Why? It has even conservatives and moderates like the Moscow
Tribune asking, ``Could this have been a trap to encourage the
violent elements on parliament's side to provide the
justification the government needed to respond with the force it
had sworn not to initiate?'' [John Helmer, ``Moscow Crisis:The
First Spark,'' Moscow Tribune, Oct. 5, 1993].

 You bet this was a trap. What better way to justify the violence
and the censorship, political repression and so on that followed?
Also, by allowing these people to storm buildings, they had a
concrete target to bombard. Of course lots of innocent bystanders
also got hurt in the events. This too was part of the
provocation. How did I and my friends get right to the seen of
the action during crossfire? The soldiers pointed out the route
for us. How come pedestrians were allowed to come so near to
fighting? Was it that the soldiers couldn't control the crowd?
They usually do a pretty good job completely blocking traffic
when they want to. How come on Oct. 5, troops were shooting at
``snipers'' on Novy Arbat street, but put up absolutely no
obstacle to pedestrian traffic? As far as the last question is
concerned, the answer is simple: for all the bullets that
Yeltsin's troops were firing up at rooftops, no bullets were
being fired back down.

 One man who witnessed this yesterday asked, ``How can it be that
they've been firing two days already and haven't caught the
snipers? It doesn't seem like anyone's there. And how could they
let people walk the streets like that?'' Izvestia reports that it
is the city police and the regular army who are the only ones
being used to shoot at the snipers. They are not specially
trained at this. There are however many, many special troops that
are. Where are they? Izvestia got past the censors with an
article entitled ``Troops Near the White House Shot At Everything
That Moved.'' This is in fact what they did, but also what they
shouldn't have done.

 Now people are trying to justify this, saying that undoubtedly
there were armed insurgents in the crowd, and that the people
there were looking for trouble. But this was not the case. Now
they keep making up stories about ``snipers on the loose'' and
how communists were firing indiscriminantly into crowds of
innocent people. They cannot hide the fact that they shot into
the crowd so they have to make up justifications for their
actions and they blame the whole situation on the inhuman
insurgents who put the civilian population in jeopardy.

 In fact it was Yeltsin and Grachev who put the crowd in danger,
whose forces shot onlookers. More and more witnesses are coming
forward to say that many of these ``snipers'' were in fact KGB or
some similar Yeltsinite force. For example, the snipers at the
Mezdunarodnaya Hotel were let in past security. Would the
security guards at this swank hotel which houses many shops and
is adjacent to the Trade Center, housing many multi-national
offices, have let opposition ``snipers'' through? If the hotel
was stormed, how come there isn't a single report of it in the
media?
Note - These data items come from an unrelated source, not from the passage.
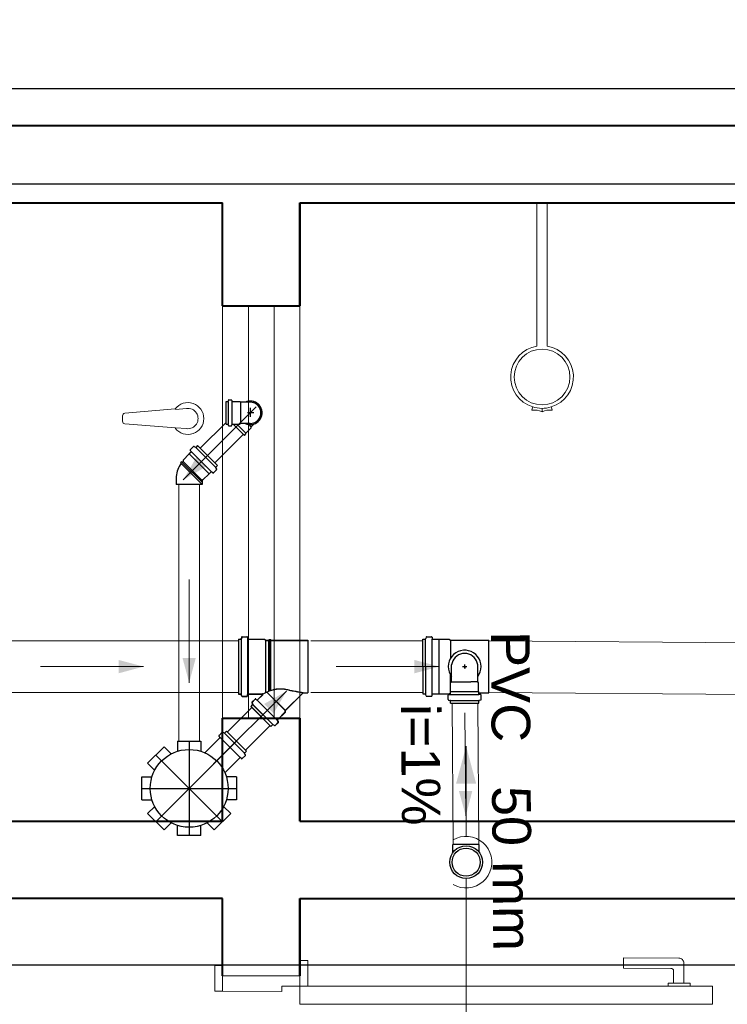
# Model space of a CAD drawing. Header units: millimetres. Extents: x 26 to 1362, y 24 to 358.
# Tile 176 of 256: x 994.27 to 995.64, y 316.45 to 318.36. Entities that reach past the tile are written whole.
import ezdxf

# ---------------------------------------------------------------- set-up
doc = ezdxf.new("R2010")
doc.units = ezdxf.units.MM
doc.linetypes.add('CONTINU', pattern=[0])
for name, color, linetype, lineweight in [('CV-Condutos', 1, 'Continuous', 5), ('CV-Indicação coluna', 5, 'Continuous', 5), ('CV-Sentido conduto', 9, 'Continuous', 5), ('CV-Textos conduto', 7, 'Continuous', 5), ('DI-Detalhes', 1, 'Continuous', 30), ('MB_ALVENARIA', 7, 'Continuous', 40), ('MB_ESQUADRIA', 7, 'Continuous', 5), ('MB_MOBILIÁRIO', 8, 'Continuous', 13), ('TQ-Condutos', 3, 'Continuous', 5), ('TQ-Sentido conduto', 9, 'Continuous', 5)]:
    doc.layers.add(name, color=color, linetype=linetype, lineweight=lineweight)
doc.layers.add('Simbolos', color=5, linetype='Continuous')
doc.layers.add('Simbolos_int', color=2, linetype='Continuous')
doc.styles.add('arial', font='arial.ttf')

msp = doc.modelspace()

# ---------------------------------------------------------------- hatches: boundary and pattern name
at = {"layer": 'CV-Condutos', "linetype": 'CONTINU'}
msp.add_hatch(color=256, dxfattribs=at).paths.add_polyline_path([(995.1379, 316.9498), (995.1185, 316.8774), (995.1573, 316.8774)])
at = {"layer": 'CV-Sentido conduto', "linetype": 'CONTINU'}
msp.add_hatch(color=256, dxfattribs=at).paths.add_polyline_path([(995.1373, 316.8145), (995.1498, 316.8629), (995.1239, 316.8627)])
at = {"layer": 'TQ-Sentido conduto', "linetype": 'CONTINU'}
for points in [[(994.5893, 317.4667), (994.6326, 317.4917), (994.6143, 317.51)], [(994.5122, 317.1043), (994.4639, 317.1172), (994.4639, 317.0913)], [(994.6007, 317.0731), (994.6136, 317.1213), (994.5877, 317.1213)], [(995.086, 317.1043), (995.0377, 317.1172), (995.0377, 317.0913)], [(994.7895, 317.0568), (994.7462, 317.0318), (994.7645, 317.0135)]]:
    msp.add_hatch(color=256, dxfattribs=at).paths.add_polyline_path(points)

# ---------------------------------------------------------------- linework, layer by layer
at = {"linetype": 'CONTINU'}
for p, q in [((995.0542, 317.1044), (995.0542, 317.1577)), ((995.0594, 317.1044), (995.0594, 317.1577)), ((995.0721, 317.0506), (995.0721, 317.1577)), ((995.0853, 317.0514), (995.0853, 317.1575)), ((995.1073, 317.1553), (995.1073, 317.1197)), ((995.1822, 317.0537), (995.1822, 317.1553)), ((995.0542, 317.1044), (995.0542, 317.0512)), ((995.0594, 317.1044), (995.0594, 317.0512)), ((995.1097, 317.0747), (995.1097, 317.1075)), ((995.1311, 317.1043), (995.1391, 317.1043)), ((995.1351, 317.1003), (995.1351, 317.1083)), ((995.1351, 317.1043), (995.1351, 317.1003)), ((995.1604, 317.0747), (995.1604, 317.1075)), ((995.1073, 317.0536), (995.1073, 317.0888)), ((995.1079, 317.0729), (995.1097, 317.0747)), ((995.1079, 317.0561), (995.1079, 317.0729)), ((995.1097, 317.0747), (995.1468, 317.0747)), ((995.1604, 317.0747), (995.1468, 317.0747)), ((995.1622, 317.0729), (995.1604, 317.0747)), ((995.1622, 317.0561), (995.1622, 317.0729)), ((995.1033, 317.0403), (995.1033, 317.049)), ((995.1042, 317.05), (995.1068, 317.0502)), ((995.1077, 317.0512), (995.1077, 317.0559)), ((995.1077, 317.0503), (995.1624, 317.0503)), ((995.1079, 317.0561), (995.1622, 317.0561)), ((995.1624, 317.0512), (995.1624, 317.0559)), ((995.166, 317.05), (995.1633, 317.0502)), ((995.1669, 317.0403), (995.1669, 317.049)), ((995.104, 317.0393), (995.107, 317.0385)), ((995.1077, 317.0383), (995.1624, 317.0383)), ((995.1077, 317.0332), (995.1077, 317.0375)), ((995.1077, 317.0332), (995.1624, 317.0332)), ((995.1624, 317.0332), (995.1624, 317.0375)), ((995.1661, 317.0393), (995.1632, 317.0385))]:
    msp.add_line(p, q, dxfattribs=at)
for points in [[(995.1604, 317.0851), (995.1632, 317.0895), (995.1653, 317.0943), (995.1665, 317.0994), (995.1669, 317.1046), (995.1664, 317.1098), (995.1651, 317.1148), (995.1629, 317.1196), (995.1601, 317.1239), (995.1565, 317.1278), (995.1524, 317.131), (995.1478, 317.1334), (995.1428, 317.1351), (995.1377, 317.136), (995.1325, 317.136), (995.1273, 317.1351), (995.1224, 317.1334), (995.1178, 317.131), (995.1136, 317.1278), (995.1101, 317.1239), (995.1072, 317.1196), (995.1051, 317.1148), (995.1038, 317.1098), (995.1033, 317.1046), (995.1037, 317.0994), (995.1049, 317.0943), (995.1069, 317.0895), (995.1097, 317.0851)], [(995.1604, 317.1075), (995.1596, 317.1115), (995.1581, 317.1153), (995.1561, 317.1188), (995.1535, 317.122), (995.1504, 317.1247), (995.1469, 317.1269), (995.1431, 317.1285), (995.1392, 317.1295), (995.1351, 317.1298), (995.131, 317.1295), (995.127, 317.1285), (995.1232, 317.1269), (995.1198, 317.1247), (995.1167, 317.122), (995.1141, 317.1188), (995.112, 317.1153), (995.1106, 317.1115), (995.1097, 317.1075)], [(995.1042, 317.05), (995.104, 317.05), (995.1039, 317.0499), (995.1037, 317.0499), (995.1036, 317.0498), (995.1035, 317.0496), (995.1034, 317.0495), (995.1033, 317.0493), (995.1033, 317.0492), (995.1033, 317.049)], [(995.1068, 317.0502), (995.107, 317.0503), (995.1071, 317.0503), (995.1073, 317.0504), (995.1074, 317.0505), (995.1075, 317.0506), (995.1076, 317.0508), (995.1077, 317.0509), (995.1077, 317.0511), (995.1077, 317.0512)], [(995.1624, 317.0512), (995.1624, 317.0511), (995.1625, 317.0509), (995.1625, 317.0508), (995.1626, 317.0506), (995.1627, 317.0505), (995.1629, 317.0504), (995.163, 317.0503), (995.1632, 317.0503), (995.1633, 317.0502)], [(995.1669, 317.049), (995.1669, 317.0492), (995.1668, 317.0493), (995.1668, 317.0495), (995.1667, 317.0496), (995.1666, 317.0498), (995.1664, 317.0499), (995.1663, 317.0499), (995.1661, 317.05), (995.166, 317.05)], [(995.1033, 317.0403), (995.1033, 317.0401), (995.1033, 317.04), (995.1034, 317.0398), (995.1034, 317.0397), (995.1035, 317.0396), (995.1036, 317.0395), (995.1037, 317.0394), (995.1039, 317.0393), (995.104, 317.0393)], [(995.1077, 317.0375), (995.1077, 317.0377), (995.1077, 317.0378), (995.1076, 317.0379), (995.1076, 317.0381), (995.1075, 317.0382), (995.1074, 317.0383), (995.1072, 317.0384), (995.1071, 317.0384), (995.107, 317.0385)], [(995.1632, 317.0385), (995.163, 317.0384), (995.1629, 317.0384), (995.1628, 317.0383), (995.1627, 317.0382), (995.1626, 317.0381), (995.1625, 317.0379), (995.1625, 317.0378), (995.1624, 317.0377), (995.1624, 317.0375)], [(995.1661, 317.0393), (995.1663, 317.0393), (995.1664, 317.0394), (995.1665, 317.0395), (995.1666, 317.0396), (995.1667, 317.0397), (995.1668, 317.0398), (995.1668, 317.04), (995.1669, 317.0401), (995.1669, 317.0403)]]:
    msp.add_lwpolyline(points, dxfattribs=at)
at = {"layer": 'CV-Condutos', "linetype": 'CONTINU'}
for p, q in [((995.1106, 317.0332), (995.1127, 316.7589)), ((995.1606, 317.0332), (995.1627, 316.7593))]:
    msp.add_line(p, q, dxfattribs=at)
for points in [[(995.1379, 316.7748), (995.1379, 316.9498)], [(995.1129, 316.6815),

How come the media then describes the ``snipers'' at the
hotels as part of the insurgents? More than likely, the snipers
who were on the heavily guarded Hotel Mir across from the White
House were also from the government. Also, residents of the
buildings from which snipers were shooting have also come forward
to say that these were government snipers, but none of this has
been reported in the media.

 Yeltsin has a lot of blood on his hands, especially the blood of
the people killed in anyone of the ``sniper incidents'' that were
manufactured to create public outrage and fear and to provide him
with reasons to justify his actions and political repression.